An opening 28 is disposed in the base plate 20. A fan 30 is mounted within that opening 28. The fan 30 draws air up from the suction area 24 below the base plate 20. It will therefore be understood that when the fan 30 is activated, the fan 30 draws air and creates a low pressure within the suction area 24. The pressure differential within the suction area 24 is determined by the draw strength of the fan 30 and the air permeability of the flexible curtain 22 as it rests upon a flat surface. The pressure differential must be at least great enough to create a suction force that is greater than the weight of the entire suction toy assembly 10. In this manner, the suction toy assembly 10 can self adhere to a wall or ceiling and operate in a vertical or fully inverted orientation without falling to the ground.

The base plate 20 is the bottom surface of the chassis 18. The chassis 18 has a front edge 32, a rear edge 34, and two sides 36, 38, in addition to the base plate 20. The chassis defines an interior 18. Within the interior is the fan 30 and the motor 31 that powers that fan. In addition, a forward drive motor 40 and a rearward drive motor 42 are provided. Batteries 45 are provided to power the fan 30 and the two drive motors 40, 42. The operation of the fan 30 and drive motors 40, 42 is selectively controlled by a control circuit 44 that is remotely operated by transmitted radio signals or infrared signals.

Two drive wheels 46, 48 are provided. A forward drive wheel 46 extends from the side 36 of the chassis 18 toward the front edge 32 of the chassis 18. Likewise, a rearward drive wheel 48 extends from the opposite side 38 of the chassis 18 toward the rear edge 34 of the chassis 18. Both drive wheels 46, 48 extend below the base plate 20 and terminate in the same plane as the free edges of the flexible curtain 22. The two drive wheels 46, 48 are not centrally mounted to the chassis 18. Rather, one of the two drive wheels 46 is mounted toward the front edge 32 of the chassis 18 and the other drive wheel 48 is mounted toward the rear edge 34 of the chassis 18.

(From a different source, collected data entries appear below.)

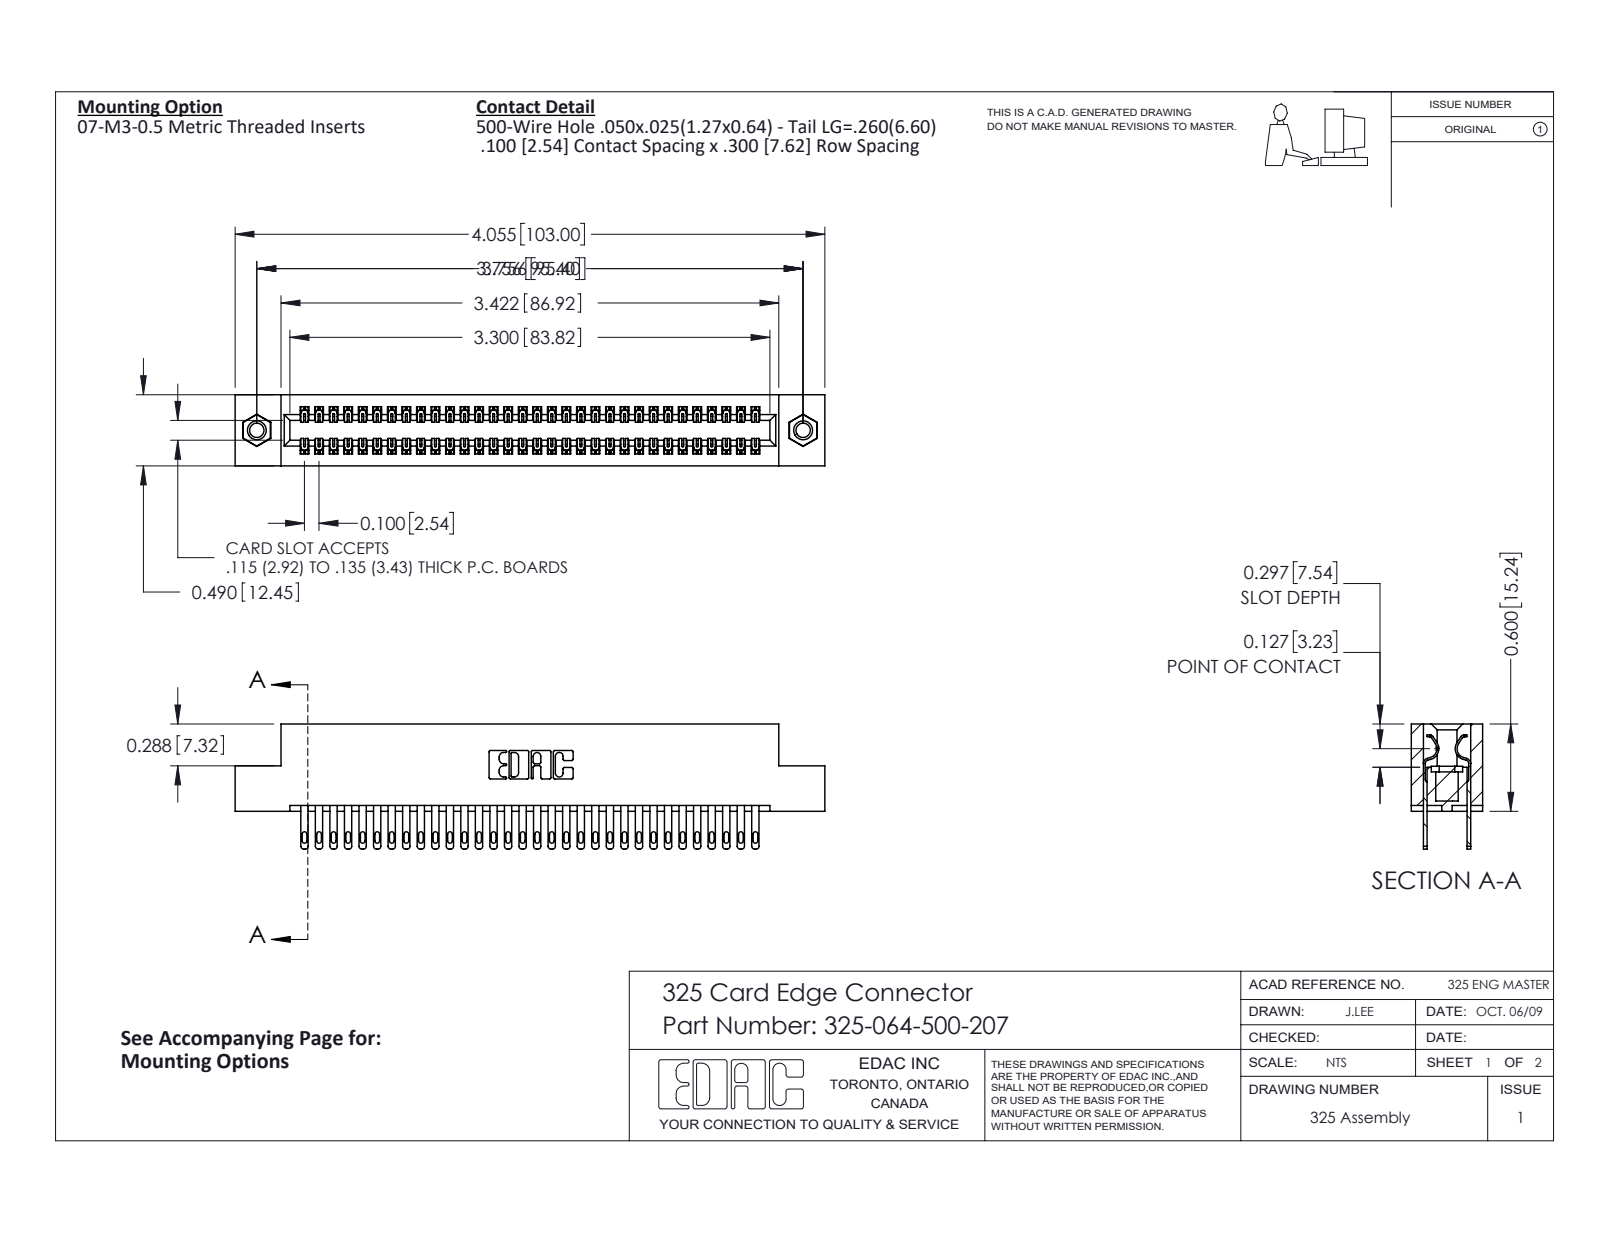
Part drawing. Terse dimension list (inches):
name: 325-064-500-207; 325 Part_TI; 345-250-001_345-250-005-103; 325-292-001_325-293-100
written by: SolidWorks 2016 (CONFIG_CONTROL_DESIGN)
unit: in
bodies: 67 solids, 3246 faces (2022 planar, 1208 cylindrical, 16 other)
size: 4.055 × 0.86 × 0.49
volume: 0.817 in³; area: 25.83 in²
holes: 2× ⌀0.098, 2× ⌀0.125, 2× ⌀0.16
bosses: 2× ⌀0.155
rounds: 96× R0.006, 64× R0.016, 64× R0.02, 22× R0.01, 6× R0.007, 6× R0.031, 3× R0.026, 2× R0.014
face distances: 0.083, 0.407, 0.3, 0.107, 0.383, 0.025, 0.49, 0.325, 0.275, 0.04
hole spacings: 3.756

Each of the drive wheels 46, 48 is selectively turned by the drive motors 40, 42, respectively. The drive motors 40, 42 are powered by the batteries 45. Each of the drive wheels 46, 48 has an eccentric pin 50 extending outwardly from its exterior. A linkage element 52 is provided for each drive wheel 46, 48. Each linkage element 52 has one end that connects onto the eccentric pin 50 extending from one of the drive wheels 46, 48. Furthermore, a guide 54 extends outwardly from each side of the chassis 18. Each linkage element 52 passes through the guide 54, thereby limiting the linkage element 52 to a predetermined range of motion.

At least one extraneous element 14 is provided. Each extraneous element 14 is mounted as a cantilever so that the extraneous element 14 is supported above the surface on which the suction toy assembly 10 is moving. Accordingly, the extraneous element 14 does not touch the surface and provides no friction in resistance to the movement of the suction toy assembly 10. the extraneous elements 14 can be rigid plastic piece. However, the extraneous elements 14 are preferably flexible, or contain pivoting joints so that the extraneous elements 14 have complex movements as the suction toy assembly 10 moves.

In the exemplary embodiment of FIG. 1, an extraneous element 14, such as a leg or arm, is affixed to the linkage element 52 at an attachment point 56. Referring to FIG. 2 in conjunction with FIG. 1, it will be understood that as the drive wheels 46, 48 turn, the linkage elements 52 move both back and forth and up and down. This causes the attachment point 56 to move through an elliptical pattern of movement. In the shown embodiment, the extraneous elements 14 are spider legs 16. Accordingly, as the drive wheels 46, 48 turn, the spider legs 16 move along an elliptical pattern that moves them both forward and backward, up and down.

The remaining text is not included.